**DATASET RECORDS**
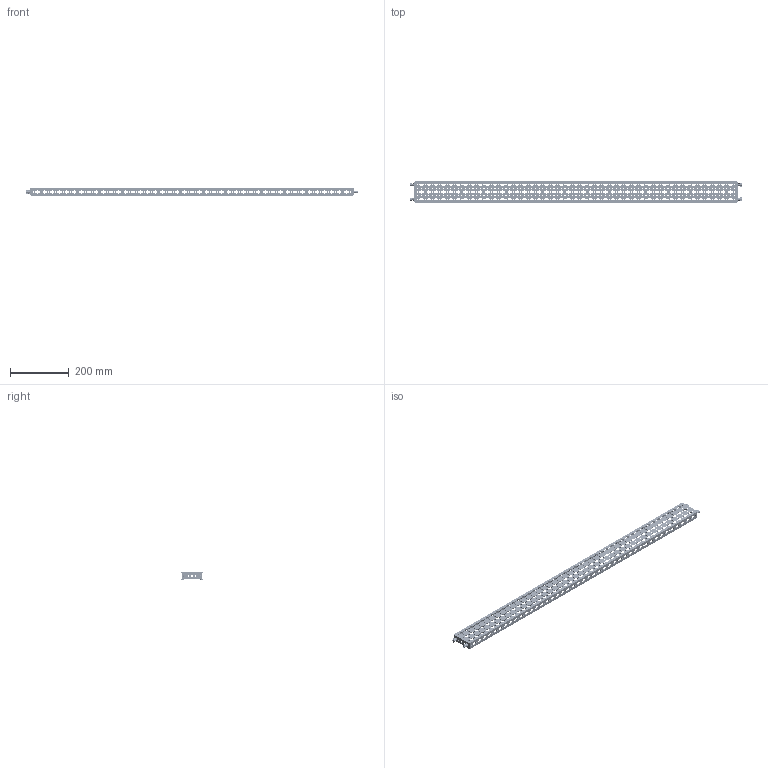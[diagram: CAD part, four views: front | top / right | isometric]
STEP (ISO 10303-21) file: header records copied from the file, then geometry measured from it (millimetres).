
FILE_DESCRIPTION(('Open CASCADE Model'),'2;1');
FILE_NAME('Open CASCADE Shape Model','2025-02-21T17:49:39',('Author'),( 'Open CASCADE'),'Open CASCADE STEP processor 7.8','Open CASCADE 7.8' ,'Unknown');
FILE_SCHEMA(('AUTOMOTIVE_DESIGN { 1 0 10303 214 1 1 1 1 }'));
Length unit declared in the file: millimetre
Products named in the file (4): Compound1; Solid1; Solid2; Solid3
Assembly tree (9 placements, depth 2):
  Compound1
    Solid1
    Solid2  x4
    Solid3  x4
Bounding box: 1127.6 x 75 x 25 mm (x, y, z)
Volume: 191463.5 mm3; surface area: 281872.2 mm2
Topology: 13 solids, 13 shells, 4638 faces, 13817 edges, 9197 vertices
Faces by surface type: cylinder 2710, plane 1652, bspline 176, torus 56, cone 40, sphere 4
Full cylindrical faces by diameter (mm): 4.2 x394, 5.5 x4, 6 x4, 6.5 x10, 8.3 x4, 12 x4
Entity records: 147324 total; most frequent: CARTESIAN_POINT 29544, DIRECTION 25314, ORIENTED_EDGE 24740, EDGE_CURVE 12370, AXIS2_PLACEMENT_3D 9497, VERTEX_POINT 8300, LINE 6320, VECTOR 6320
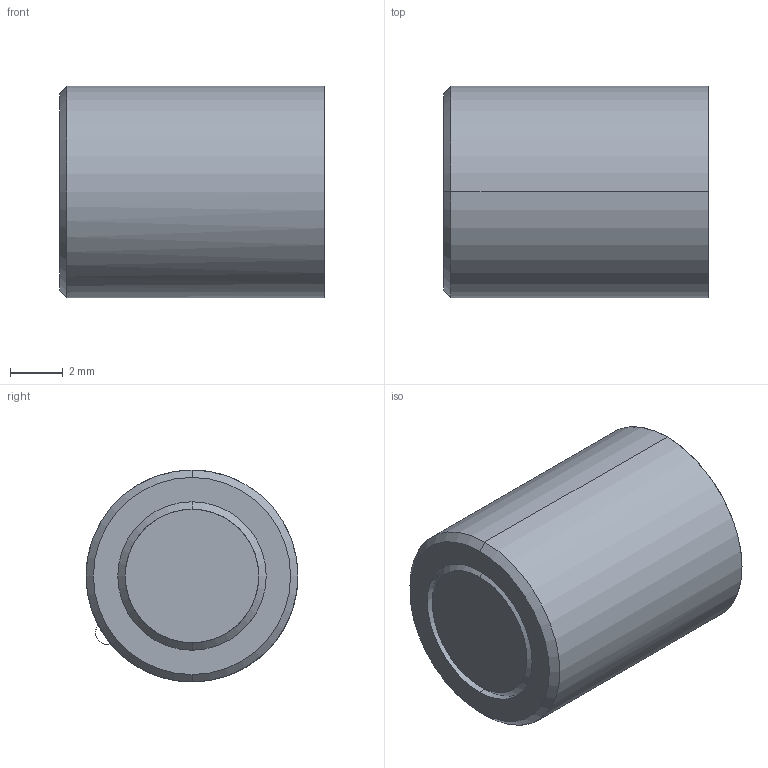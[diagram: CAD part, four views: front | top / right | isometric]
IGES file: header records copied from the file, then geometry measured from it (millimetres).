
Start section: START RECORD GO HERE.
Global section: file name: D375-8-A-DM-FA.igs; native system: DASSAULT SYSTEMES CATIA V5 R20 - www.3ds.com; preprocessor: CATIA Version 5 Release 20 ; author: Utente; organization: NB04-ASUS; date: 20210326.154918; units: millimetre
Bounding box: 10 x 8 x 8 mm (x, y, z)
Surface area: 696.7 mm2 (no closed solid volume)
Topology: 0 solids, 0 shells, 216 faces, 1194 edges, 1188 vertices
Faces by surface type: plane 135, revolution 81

**REQUIREMENT**
The answer must be an exact reproduction of the records, with every picture left out.

**REPLY TO THE TASK**
[diagram: CAD part, four views: front | top / right | isometric]
STEP (ISO 10303-21) file: header records copied from the file, then geometry measured from it (millimetres).
FILE_DESCRIPTION(('Open CASCADE Model'),'2;1');
FILE_NAME('Open CASCADE Shape Model','2025-02-21T17:49:39',('Author'),( 'Open CASCADE'),'Open CASCADE STEP processor 7.8','Open CASCADE 7.8' ,'Unknown');
FILE_SCHEMA(('AUTOMOTIVE_DESIGN { 1 0 10303 214 1 1 1 1 }'));
Length unit declared in the file: millimetre
Products named in the file (4): Compound1; Solid1; Solid2; Solid3
Assembly tree (9 placements, depth 2):
  Compound1
    Solid1
    Solid2  x4
    Solid3  x4
Bounding box: 1127.6 x 75 x 25 mm (x, y, z)
Volume: 191463.5 mm3; surface area: 281872.2 mm2
Topology: 13 solids, 13 shells, 4638 faces, 13817 edges, 9197 vertices
Faces by surface type: cylinder 2710, plane 1652, bspline 176, torus 56, cone 40, sphere 4
Full cylindrical faces by diameter (mm): 4.2 x394, 5.5 x4, 6 x4, 6.5 x10, 8.3 x4, 12 x4
Entity records: 147324 total; most frequent: CARTESIAN_POINT 29544, DIRECTION 25314, ORIENTED_EDGE 24740, EDGE_CURVE 12370, AXIS2_PLACEMENT_3D 9497, VERTEX_POINT 8300, LINE 6320, VECTOR 6320
[diagram: CAD part, four views: front | top / right | isometric]
IGES file: header records copied from the file, then geometry measured from it (millimetres).
Start section: START RECORD GO HERE.
Global section: file name: D375-8-A-DM-FA.igs; native system: DASSAULT SYSTEMES CATIA V5 R20 - www.3ds.com; preprocessor: CATIA Version 5 Release 20 ; author: Utente; organization: NB04-ASUS; date: 20210326.154918; units: millimetre
Bounding box: 10 x 8 x 8 mm (x, y, z)
Surface area: 696.7 mm2 (no closed solid volume)
Topology: 0 solids, 0 shells, 216 faces, 1194 edges, 1188 vertices
Faces by surface type: plane 135, revolution 81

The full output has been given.